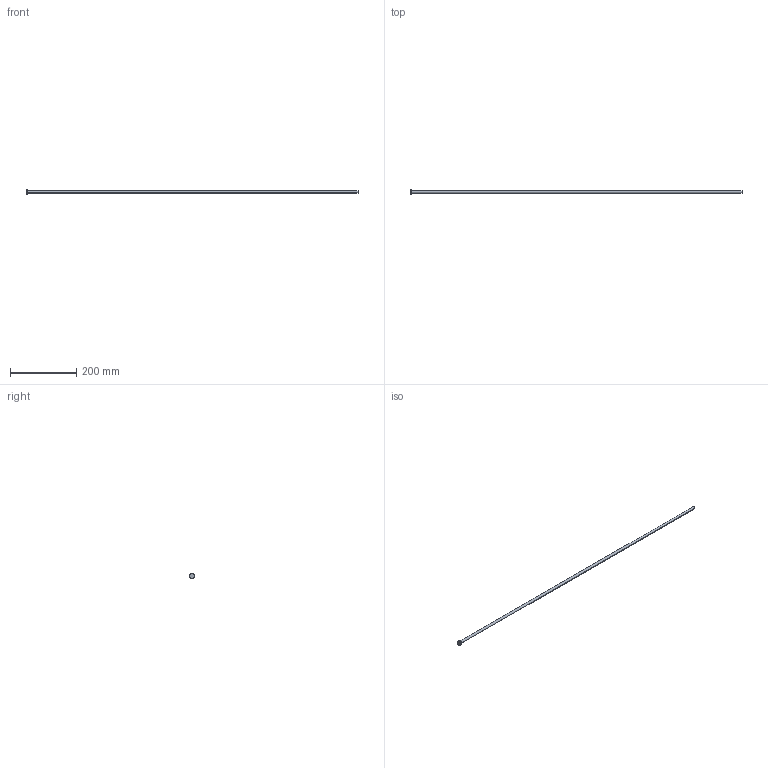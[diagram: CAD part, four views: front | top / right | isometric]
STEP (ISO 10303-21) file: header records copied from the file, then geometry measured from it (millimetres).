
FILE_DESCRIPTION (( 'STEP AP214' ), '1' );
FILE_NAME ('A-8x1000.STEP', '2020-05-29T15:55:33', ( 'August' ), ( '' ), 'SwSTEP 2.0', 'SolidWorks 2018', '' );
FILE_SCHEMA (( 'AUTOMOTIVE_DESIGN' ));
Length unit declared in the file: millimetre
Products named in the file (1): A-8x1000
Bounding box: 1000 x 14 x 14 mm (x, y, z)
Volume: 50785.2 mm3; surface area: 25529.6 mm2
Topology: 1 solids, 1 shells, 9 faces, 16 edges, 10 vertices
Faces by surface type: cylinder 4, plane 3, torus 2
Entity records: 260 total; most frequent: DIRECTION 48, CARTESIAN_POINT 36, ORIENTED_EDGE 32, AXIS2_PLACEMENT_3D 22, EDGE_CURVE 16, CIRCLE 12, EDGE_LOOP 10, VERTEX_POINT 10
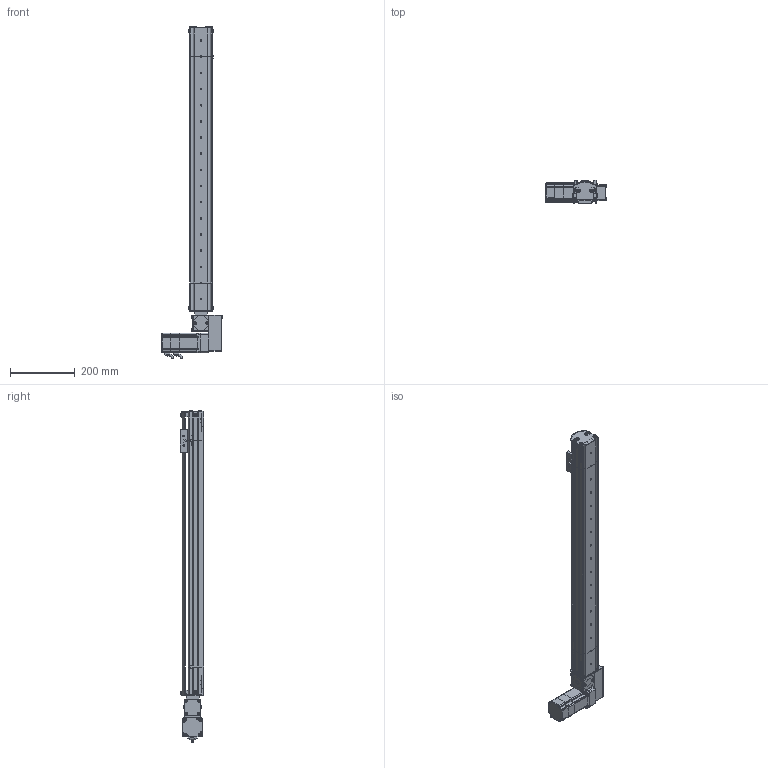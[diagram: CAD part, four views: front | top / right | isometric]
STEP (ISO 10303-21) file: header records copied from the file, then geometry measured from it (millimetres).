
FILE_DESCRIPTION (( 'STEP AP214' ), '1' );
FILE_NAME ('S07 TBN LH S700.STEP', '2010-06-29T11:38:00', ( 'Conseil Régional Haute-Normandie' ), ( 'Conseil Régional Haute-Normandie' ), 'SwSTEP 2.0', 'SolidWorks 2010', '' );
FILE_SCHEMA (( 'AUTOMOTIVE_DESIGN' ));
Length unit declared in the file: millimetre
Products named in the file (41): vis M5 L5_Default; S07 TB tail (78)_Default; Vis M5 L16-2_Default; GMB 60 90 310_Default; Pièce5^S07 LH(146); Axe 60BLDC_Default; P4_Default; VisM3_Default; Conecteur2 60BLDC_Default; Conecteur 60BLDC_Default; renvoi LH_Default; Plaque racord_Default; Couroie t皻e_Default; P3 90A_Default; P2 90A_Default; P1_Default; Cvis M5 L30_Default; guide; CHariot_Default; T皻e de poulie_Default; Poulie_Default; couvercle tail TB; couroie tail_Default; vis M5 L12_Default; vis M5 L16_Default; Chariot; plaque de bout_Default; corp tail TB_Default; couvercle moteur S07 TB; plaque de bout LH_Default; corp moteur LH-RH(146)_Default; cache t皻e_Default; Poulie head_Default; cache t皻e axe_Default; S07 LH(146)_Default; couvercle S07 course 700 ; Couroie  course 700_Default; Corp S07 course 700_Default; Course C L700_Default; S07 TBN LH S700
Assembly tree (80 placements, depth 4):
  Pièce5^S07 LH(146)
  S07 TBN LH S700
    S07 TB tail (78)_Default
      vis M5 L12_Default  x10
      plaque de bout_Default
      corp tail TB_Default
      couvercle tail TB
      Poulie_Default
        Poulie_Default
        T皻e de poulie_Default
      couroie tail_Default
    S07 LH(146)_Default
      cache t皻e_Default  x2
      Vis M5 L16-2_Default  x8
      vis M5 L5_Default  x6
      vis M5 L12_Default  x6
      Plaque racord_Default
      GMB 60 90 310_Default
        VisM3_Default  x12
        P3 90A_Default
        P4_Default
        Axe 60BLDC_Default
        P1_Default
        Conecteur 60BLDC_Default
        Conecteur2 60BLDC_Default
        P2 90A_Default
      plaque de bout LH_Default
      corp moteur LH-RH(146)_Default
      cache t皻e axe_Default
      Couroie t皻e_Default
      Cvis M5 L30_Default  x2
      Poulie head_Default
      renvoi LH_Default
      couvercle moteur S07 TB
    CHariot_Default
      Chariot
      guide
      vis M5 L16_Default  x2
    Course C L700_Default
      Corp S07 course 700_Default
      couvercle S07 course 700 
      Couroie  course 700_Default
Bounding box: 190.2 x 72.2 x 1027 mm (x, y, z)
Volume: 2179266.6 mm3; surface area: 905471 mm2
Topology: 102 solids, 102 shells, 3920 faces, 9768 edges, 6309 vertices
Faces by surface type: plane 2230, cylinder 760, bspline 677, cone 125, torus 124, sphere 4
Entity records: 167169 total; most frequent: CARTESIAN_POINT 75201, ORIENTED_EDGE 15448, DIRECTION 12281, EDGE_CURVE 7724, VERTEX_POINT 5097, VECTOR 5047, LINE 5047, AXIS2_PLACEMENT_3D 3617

**Problem details:**
Say only how many lines among the entries above contain the string "torus".

**Answer section:**
2